Animais de estimação também merecem um Outubro Rosa

O mês de outubro é mundialmente conhecido pela campanha “Outubro Rosa”, focada na prevenção do câncer de mama. No entanto, poucos se lembram que a doença também faz vítimas no mundo animal,  sendo uma das principais causas de morte entre cadelas e gatas. “Isso acontece porque muitos tutores só levam o animal ao veterinário quando o tumor já está grande, às vezes com metástase, o que torna o tratamento menos eficaz e consequentemente, pode levar à baixa sobrevida destes pacientes”, alerta a médica veterinária e coordenadora do Hospital Escola do curso de Medicina Veterinária da Anhanguera de Campinas, Marta Luppi.

Assim como com os humanos, o segredo para um tratamento eficaz é o diagnóstico precoce e o início imediato. Por isso é muito importante ficar atento aos sinais que indicam o surgimento de um tumor e acompanhar periodicamente a saúde dos animais de estimação. A veterinária explica que o diagnóstico definitivo da doença ocorre por meio de exame histopatológico, popularmente conhecido como biópsia, que analisa a morfologia celular e diz se é câncer, qual tipo e informações sobre o comportamento da doença. No entanto, os tutores podem notar pequenos nódulos em uma das mamas ou em várias. “Muitas vezes, nódulos muito pequenos, podem passar despercebidos. Por este motivo, é importante que os animais sejam avaliados anualmente pelo veterinário, que também pode demonstrar e orientar como o tutor pode realizar, periodicamente, o exame das mamas de seu animal”, explica a coordenadora do Hospital Veterinário. 

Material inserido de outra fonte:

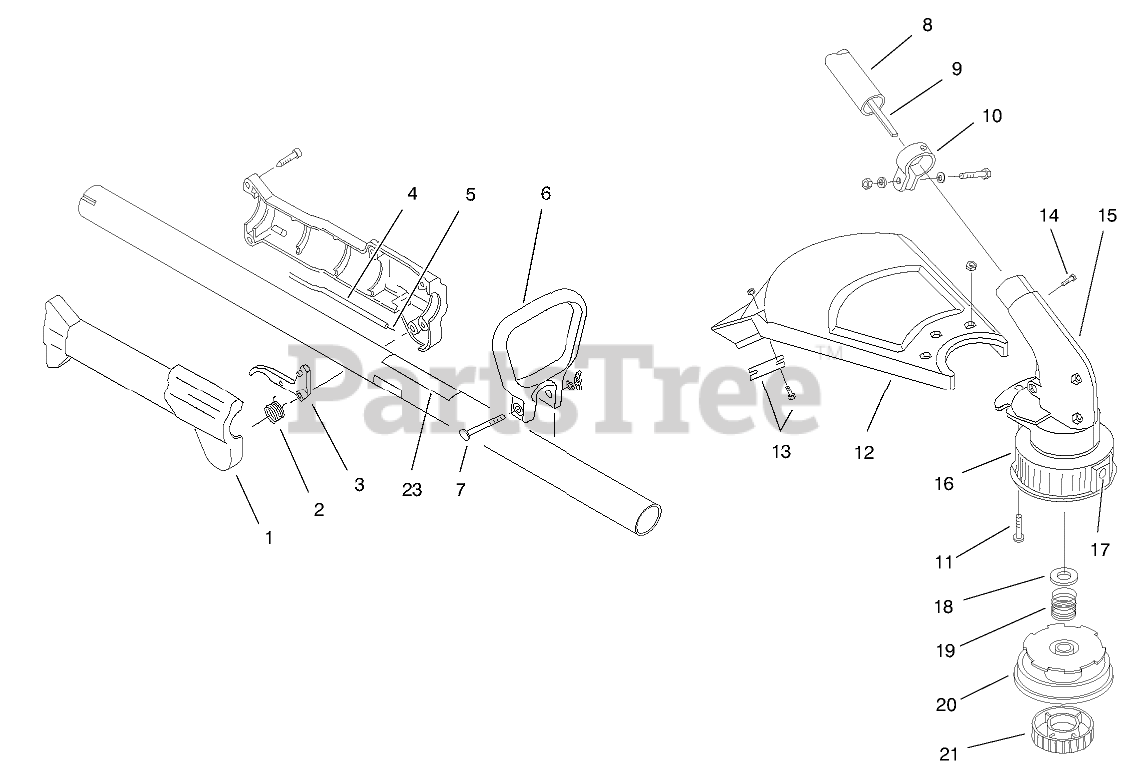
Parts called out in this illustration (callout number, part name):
1	Throttle Housing & Trigger Asm.
2	THROTTLE TRIGGER SPRING
3	TRIGGER - THROTTLE
4	HOUSING-CABLE
5	THROTTLE CABLE WIRE
6	D-HANDLE
7	HARDWARE - D-HANDLE
8	ASM - SHAFT HOUSING
9	Drive Shaft
10	CLAMP ASM - UPPER
11	ASM - GUARD MTG SCREW
12	Guard and Blade Asm.
13	BLADE ASM
14	ANTI-ROTATION SCREW
15	ASM - GEAR BOX
16	OUTER SPOOL EYELET ASM
17	EYELET
18	RETAINER WASHER(SET OF 10)
19	SPRING
20	REEL - INNER
21	Assy.-Bump Head
23	Decal-Safety Symbol
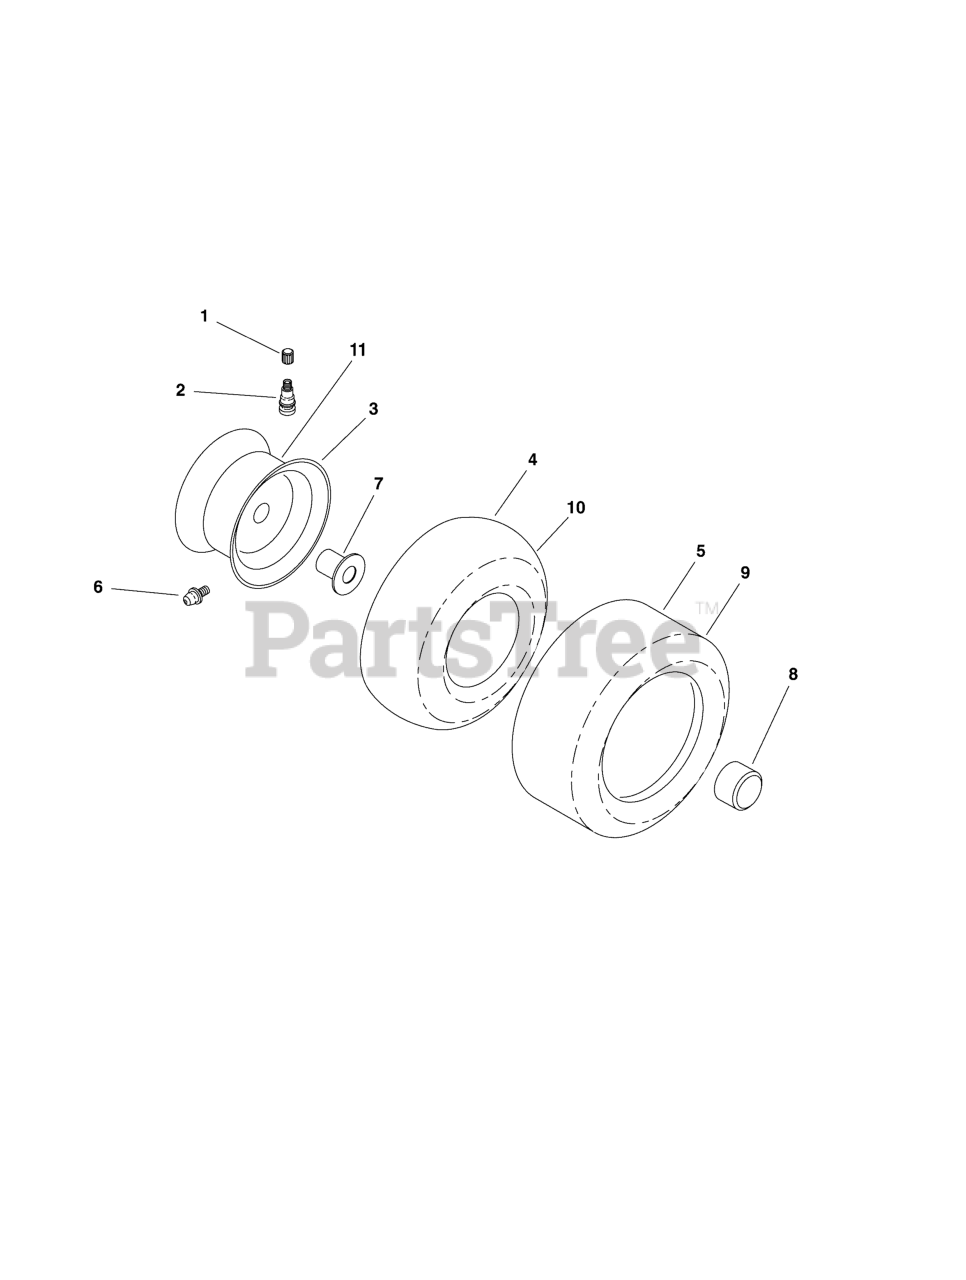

Apesar de a doença não ter uma origem específica, também como ocorre com os humanos, e nem atitudes específicas para evitar que ela apareça, é possível tomar algumas medidas para diminuir os riscos do desenvolvimento do tumor. Uma das opções, e a mais eficiente delas, é a castração da fêmea antes de seu primeiro cio. “Como a porção hormonal das cachorrinhas é um dos grandes responsáveis pelo aparecimento de disfunções que podem influenciar o surgimento da doença, controlar essa área é um importante passo”, explica Marta.

Uma vez instalada a doença, é importante saber que os tumores mudam de comportamento à medida que vão aumentando de tamanho: tornam-se mais agressivos e com maior predisposição a formação de metástases. Por isso, a professora alerta que sempre que houver um nódulo, jamais se deve aguardar o crescimento do mesmo. Os nódulos pequenos devem ser removidos e encaminhados para análise.

O tratamento preconizado é cirúrgico. “A cirurgia em cadelas consiste na retirada das mamas acometidas pela neoplasia e das demais mamas do mesmo lado, pois a comunicação linfática com entre elas pode facilitar a metástase. Já em gatas, a cirurgia é maior, com a retirada de todas as mamas”, explica Marta. Como só é possível saber se a neoplasia é maligna ou benigna após a cirurgia e resultado de exame histopatológico, há a necessidade de realização de exames complementares para avaliar a presença de metástases, por meio de Raio X de tórax e ultrassom abdominal, além de exames de sangue como hemograma completo, função renal, bioquímica hepática e avaliação cardiológica por meio de eletrocardiograma e ecocardiograma para avaliação pré cirúrgica e anestésica.